Excerpts from a dataset:

=-=-=

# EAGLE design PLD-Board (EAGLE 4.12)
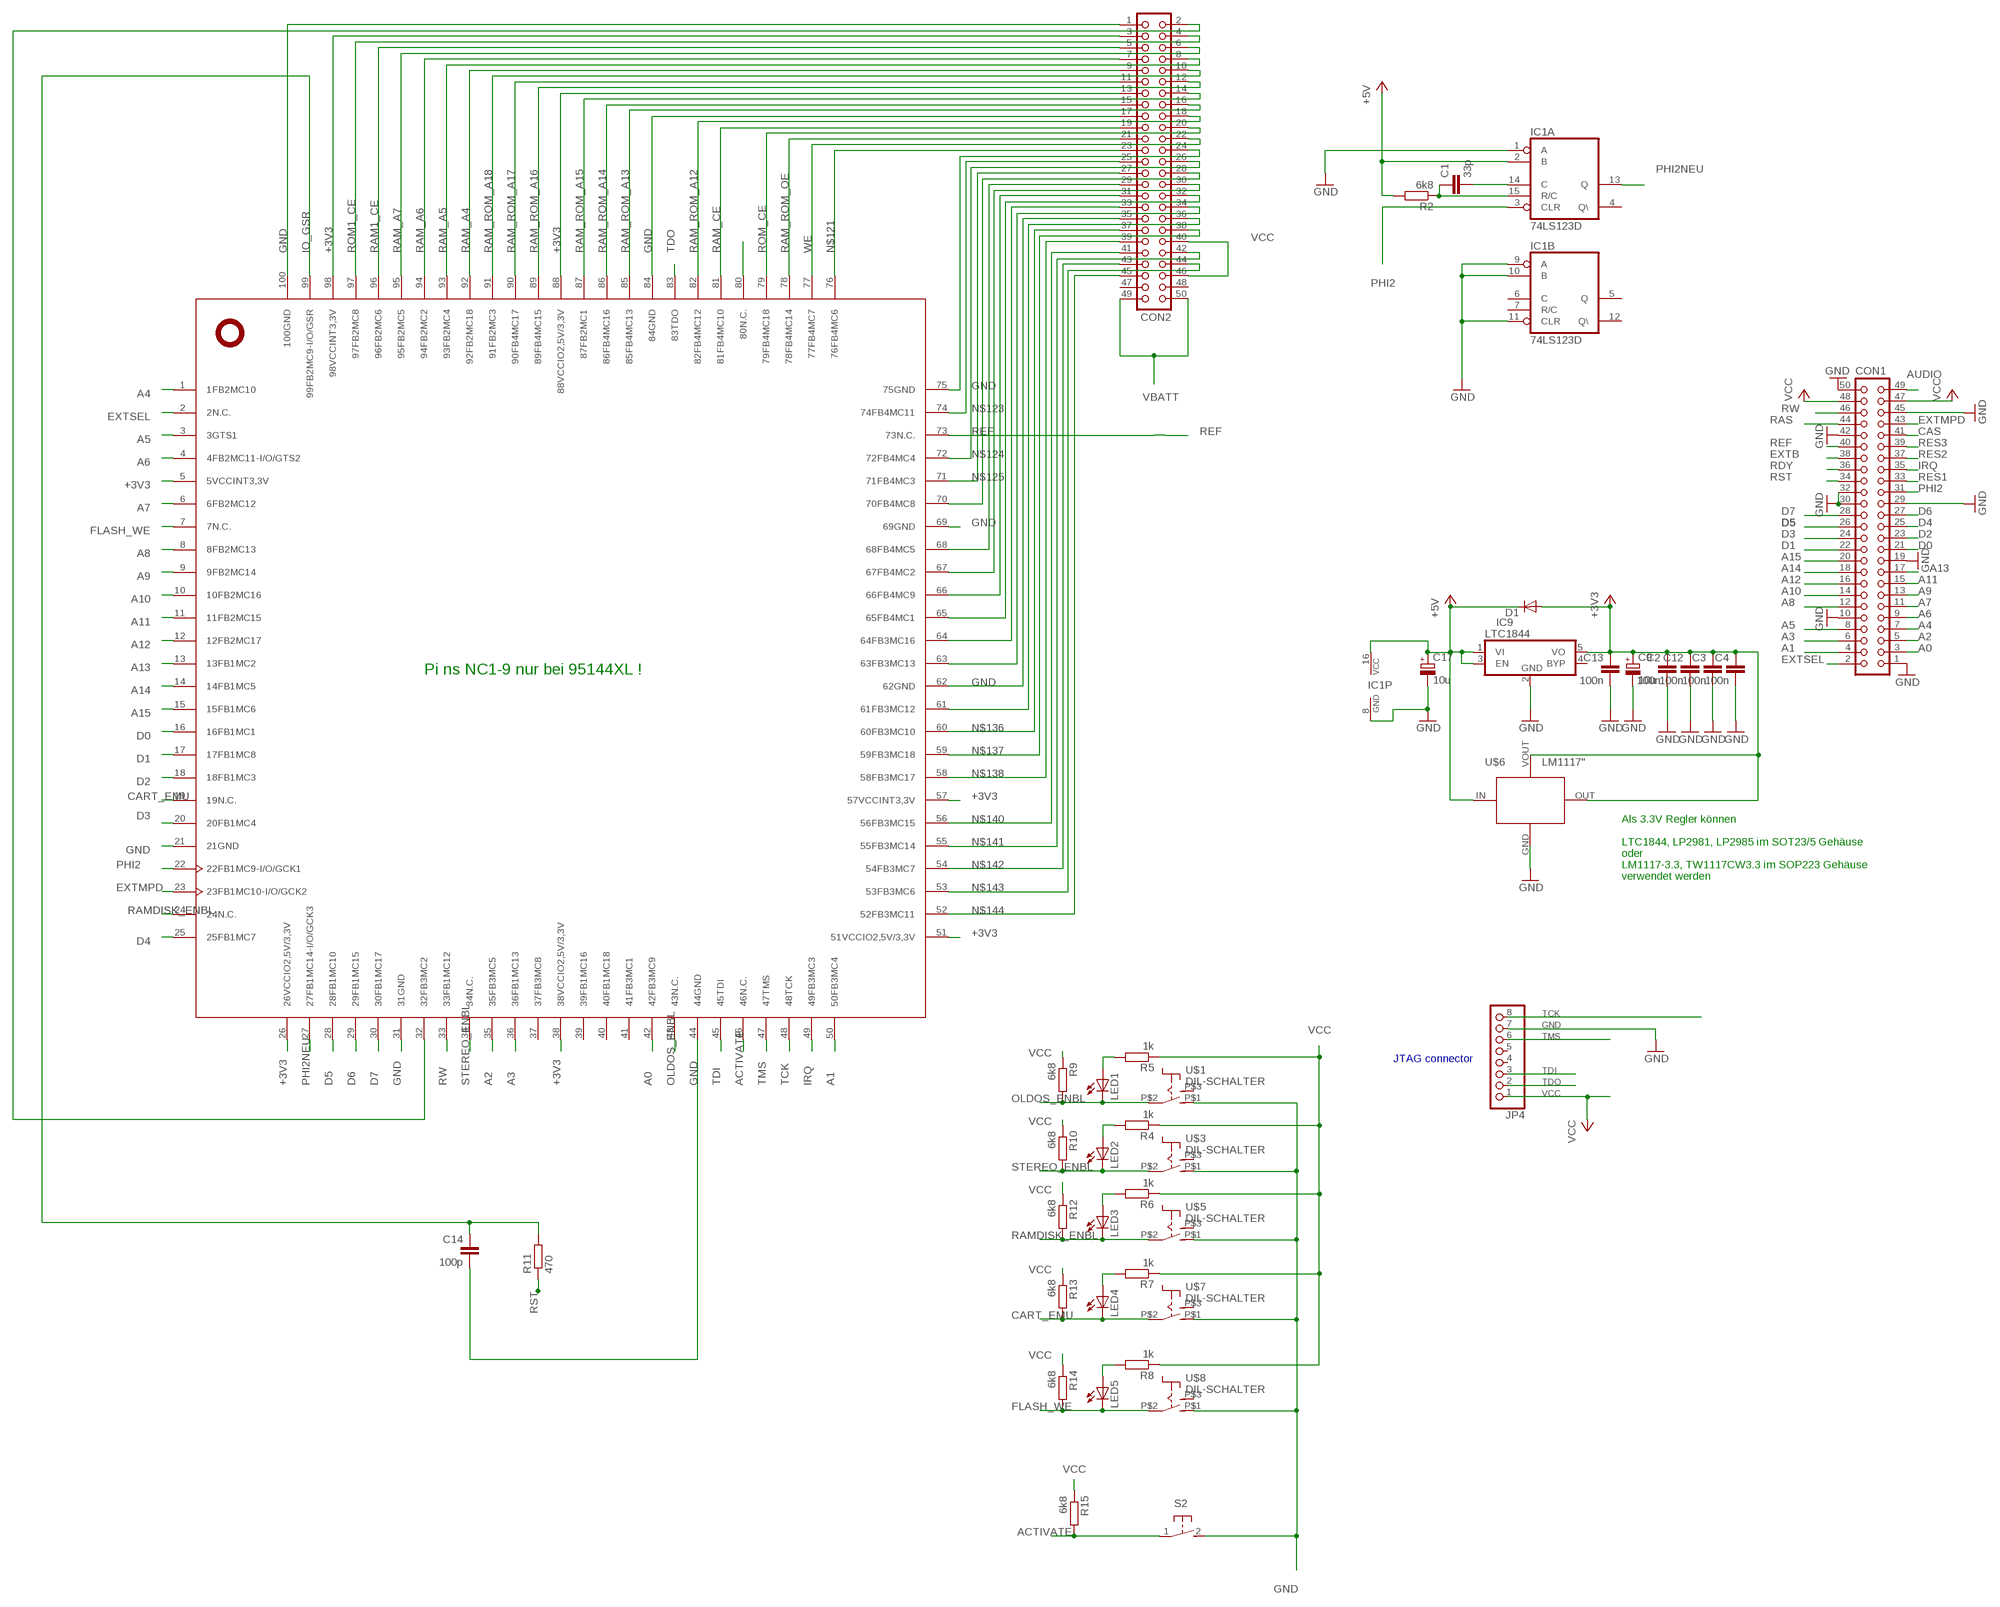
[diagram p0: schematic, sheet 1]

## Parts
C1  33p  C-EUC0805  [C0805]
C2  100n  C-EUC1206  [C1206]
C3  100n  C-EUC1206  [C1206]
C4  100n  C-EUC1206  [C1206]
C9  10u  CPOL-EUB/3528-21W  [B/3528-21W]
C12  100n  C-EUC1206  [C1206]
C13  100n  C-EUC1206  [C1206]
C14  100p  C-EUC0805  [C0805]
C17  10u  CPOL-EUB/3528-21W  [B/3528-21W]
CON1  CON50  [CON50]
CON2  CON50  [CON50]
D1  DIODE-DO214BA  [DO-214BA]
IC1  74LS123D  [SO16]
IC9  LTC1844  [SOT23/5]
JP4  PINHD-1X8  [1X08]
LED1  LEDCHIPLED_1206  [CHIPLED_1206]
LED2  LEDCHIPLED_1206  [CHIPLED_1206]
LED3  LEDCHIPLED_1206  [CHIPLED_1206]
LED4  LEDCHIPLED_1206  [CHIPLED_1206]
LED5  LEDCHIPLED_1206  [CHIPLED_1206]
R2  6k8  R-EU_M0805  [M0805]
R4  1k  R-EU_M0805  [M0805]
R5  1k  R-EU_M0805  [M0805]
R6  1k  R-EU_M0805  [M0805]
R7  1k  R-EU_M0805  [M0805]
R8  1k  R-EU_M0805  [M0805]
R9  6k8  R-EU_M0805  [M0805]
R10  6k8  R-EU_M0805  [M0805]
R11  470  R-EU_M0805  [M0805]
R12  6k8  R-EU_M0805  [M0805]
R13  6k8  R-EU_M0805  [M0805]
R14  6k8  R-EU_M0805  [M0805]
R15  6k8  R-EU_M0805  [M0805]
S2  31-XX  [B3F-31XX]
U$1  DIL-SCHALTER  [DIL-SCHALTER]
U$2  XC9572XLTQ100  [TQ100]
U$3  DIL-SCHALTER  [DIL-SCHALTER]
U$5  DIL-SCHALTER  [DIL-SCHALTER]
U$6  LM1117"  [SOT-223]
U$7  DIL-SCHALTER  [DIL-SCHALTER]
U$8  DIL-SCHALTER  [DIL-SCHALTER]

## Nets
+3V3: C2.1 C3.1 C4.1 C9.+ C12.1 C13.1 CON2.3 CON2.13 D1.A IC9.5(VO) U$2.5(5VCCINT3,3V) U$2.26(26VCCIO2,5V/3,3V) U$2.38(38VCCIO2,5V/3,3V) U$2.51(51VCCIO2,5V/3,3V) U$2.57(57VCCINT3,3V) U$2.88(88VCCIO2,5V/3,3V) U$2.98(98VCCINT3,3V) U$6.OUT U$6.VOUT(CASE)
A0: CON1.3 U$2.42(42FB3MC9)
A1: CON1.4 U$2.50(50FB3MC4)
A2: CON1.5 U$2.35(35FB3MC5)
A3: CON1.6 U$2.36(36FB1MC13)
A4: CON1.7 U$2.1(1FB2MC10)
A5: CON1.8 U$2.3(3GTS1)
A6: CON1.9 U$2.4(4FB2MC11-I/O/GTS2)
A7: CON1.11 U$2.6(6FB2MC12)
A8: CON1.12 U$2.8(8FB2MC13)
A9: CON1.13 U$2.9(9FB2MC14)
A10: CON1.14 U$2.10(10FB2MC16)
A11: CON1.15 U$2.11(11FB2MC15)
A12: CON1.16 U$2.12(12FB2MC17)
A13: CON1.17 U$2.13(13FB1MC2)
A14: CON1.18 U$2.14(14FB1MC5)
A15: CON1.20 U$2.15(15FB1MC6)
ACTIVATE: R15.2 S2.1(P) U$2.46(46N.C.)
AUDIO: CON1.49
CART_EMU: LED4.C R13.2 U$2.19(19N.C.) U$7.P$2(P)
CAS: CON1.41
D0: CON1.21 U$2.16(16FB1MC1)
D1: CON1.22 U$2.17(17FB1MC8)
D2: CON1.23 U$2.18(18FB1MC3)
D3: CON1.24 U$2.20(20FB1MC4)
D4: CON1.25 U$2.25(25FB1MC7)
D5: CON1.26 U$2.28(28FB1MC10)
D6: CON1.27 U$2.29(29FB1MC15)
D7: CON1.28 U$2.30(30FB1MC17)
DEB_LED1: CON2.28 U$2.70(70FB4MC8)
DEB_LED2: CON2.29 U$2.68(68FB4MC5)
DEB_LED3: CON2.30 U$2.67(67FB4MC2)
DEB_LED4: CON2.32 U$2.65(65FB4MC1)
DEB_LED5: CON2.31 U$2.66(66FB4MC9)
DEB_LED6: CON2.34 U$2.63(63FB3MC13)
DEB_LED7: CON2.33 U$2.64(64FB3MC16)
DEB_LED8: CON2.36 U$2.61(61FB3MC12)
EXTB: CON1.38
EXTMPD: CON1.43 U$2.23(23FB1MC10-I/O/GCK2)
EXTSEL: CON1.2 U$2.2(2N.C.)
FLASH_WE: LED5.C R14.2 U$2.7(7N.C.) U$8.P$2(P)
GND: C2.2 C3.2 C4.2 C9.- C12.2 C13.2 C14.2 C17.- CON1.1 CON1.10 CON1.19 CON1.29 CON1.30 CON1.32 CON1.42 CON1.45 CON1.50 CON2.1 CON2.17 CON2.24 CON2.35 IC1.1(A:A) IC1.8(P:GND) IC1.9(B:A) IC1.10(B:B) IC1.11(B:CLR) IC9.2(GND) JP4.7 S2.2(S) U$1.P$1(S) U$2.21(21GND) U$2.31(31GND) U$2.44(44GND) U$2.62(62GND) U$2.69(69GND) U$2.75(75GND) U$2.84(84GND) U$2.100(100GND) U$3.P$1(S) U$5.P$1(S) U$6.GND U$7.P$1(S) U$8.P$1(S)
IO_GSR: CON2.2 U$2.32(32FB3MC2)
IRQ: CON1.35 U$2.49(49FB3MC3)
N$16: C14.1 R11.2 U$2.99(99FB2MC9-I/O/GSR)
N$28: LED5.A R8.2
N$29: C1.2 IC1.14(A:C)
N$30: LED1.A R5.2
N$31: LED2.A R4.2
N$32: LED3.A R6.2
N$33: LED4.A R7.2
N$34: C1.1 IC1.15(A:R/C) R2.1
N$38: U$2.80(80N.C.)
N$121: CON2.23 U$2.76(76FB4MC6)
N$123: CON2.25 U$2.74(74FB4MC11)
N$124: CON2.26 U$2.72(72FB4MC4)
N$125: CON2.27 U$2.71(71FB4MC3)
N$136: CON2.37 U$2.60(60FB3MC10)
N$137: CON2.38 U$2.59(59FB3MC18)
N$138: CON2.39 U$2.58(58FB3MC17)
N$140: CON2.41 U$2.56(56FB3MC15)
N$141: CON2.42 U$2.55(55FB3MC14)
N$142: CON2.43 U$2.54(54FB3MC7)
N$143: CON2.44 U$2.53(53FB3MC6)
N$144: CON2.45 U$2.52(52FB3MC11)
OLDOS_ENBL: LED1.C R9.2 U$1.P$2(P) U$2.43(43N.C.)
PHI2: CON1.31 IC1.3(A:CLR) U$2.22(22FB1MC9-I/O/GCK1)
PHI2NEU: IC1.13(A:Q) U$2.27(27FB1MC14-I/O/GCK3)
RAM1_CE: CON2.5 U$2.96(96FB2MC6)
RAM_A4: CON2.9 U$2.92(92FB2MC18)
RAM_A5: CON2.8 U$2.93(93FB2MC4)
RAM_A6: CON2.7 U$2.94(94FB2MC2)
RAM_A7: CON2.6 U$2.95(95FB2MC5)
RAM_CE: CON2.19 U$2.81(81FB4MC10)
RAM_ROM_A12: CON2.18 U$2.82(82FB4MC12)
RAM_ROM_A13: CON2.16 U$2.85(85FB4MC13)
RAM_ROM_A14: CON2.15 U$2.86(86FB4MC16)
RAM_ROM_A15: CON2.14 U$2.87(87FB2MC1)
RAM_ROM_A16: CON2.12 U$2.89(89FB4MC15)
RAM_ROM_A17: CON2.11 U$2.90(90FB4MC17)
RAM_ROM_A18: CON2.10 U$2.91(91FB2MC3)
RAM_ROM_OE: CON2.21 U$2.78(78FB4MC14)
RAMDISK_ENBL: LED3.C R12.2 U$2.24(24N.C.) U$5.P$2(P)
RAS: CON1.44
RDY: CON1.36
REF: CON1.40 U$2.73(73N.C.)
RES1: CON1.33
RES2: CON1.37
RES3: CON1.39
ROM1_CE: CON2.4 U$2.97(97FB2MC8)
ROM_CE: CON2.20 U$2.79(79FB4MC18)
RST: CON1.34 R11.1
RW: CON1.46 U$2.33(33FB1MC12)
STEREO_ENBL: LED2.C R10.2 U$2.34(34N.C.) U$3.P$2(P)
TCK: JP4.8 U$2.48(48TCK)
TDI: JP4.3 U$2.45(45TDI)
TDO: JP4.2 U$2.83(83TDO)
TMS: JP4.6 U$2.47(47TMS)
VBATT: CON2.49 CON2.50
VCC: C17.+ CON1.47 CON1.48 CON2.40 CON2.46 D1.C IC1.2(A:B) IC1.16(P:VCC) IC9.1(VI) IC9.3(EN) JP4.1 R2.2 R4.1 R5.1 R6.1 R7.1 R8.1 R9.1 R10.1 R12.1 R13.1 R14.1 R15.1 U$6.IN ; supply symbol labelled +5V
WE: CON2.22 U$2.77(77FB4MC7)
Unconnected: CON2.47 CON2.48 IC1.4(A:Q\) IC1.5(B:Q) IC1.6(B:C) IC1.7(B:R/C) IC1.12(B:Q\) IC9.4(BYP) JP4.4 JP4.5 U$1.P$3(S1) U$2.37(37FB3MC8) U$2.39(39FB1MC16) U$2.40(40FB1MC18) U$2.41(41FB3MC1) U$3.P$3(S1) U$5.P$3(S1) U$7.P$3(S1) U$8.P$3(S1)

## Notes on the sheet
- Pi ns NC1-9 nur bei 95144XL !
- Als 3.3V Regler können
- LTC1844, LP2981, LP2985 im SOT23/5 Gehäuse
- oder
- LM1117-3.3, TW1117CW3.3 im SOP223 Gehäuse
- verwendet werden
- JTAG connector

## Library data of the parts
C1-C4 C12-C14 = rcl:C-EU: CAPACITOR, European symbol
C9 C17 = rcl:CPOL-EU: POLARIZED CAPACITOR, European symbol
CON1 CON2 = con-harting:CON50: CONNECTOR
D1 = diode:DIODE-: DIODE
IC1 = 74xx-eu:74*123: Retriggerable monostable MULTIVIBRATOR
IC9 = Sonstiges:LTC1844
JP4 = pinhead:PINHD-1X8: PIN HEADER
LED1-LED5 = led:LED: LED
R2 R4-R15 = rcl:R-EU_: RESISTOR, European symbol
S2 = switch-omron:31-XX: OMRON SWITCH
U$1 U$3 U$5 U$7 U$8 = wf-atari:DIL-SCHALTER
U$2 = xilinx_xc9572xl-tq100:XC9572XLTQ100
U$6 = lm1117:LM1117

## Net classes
2 3.3: width 0.508 mm, drill 0.254 mm

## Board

=-=-=

EXERCISE: For each line in the records that holds "sheet", show that line as it stands.

SOLVED PROBLEM:
[diagram p0: schematic, sheet 1]
## Notes on the sheet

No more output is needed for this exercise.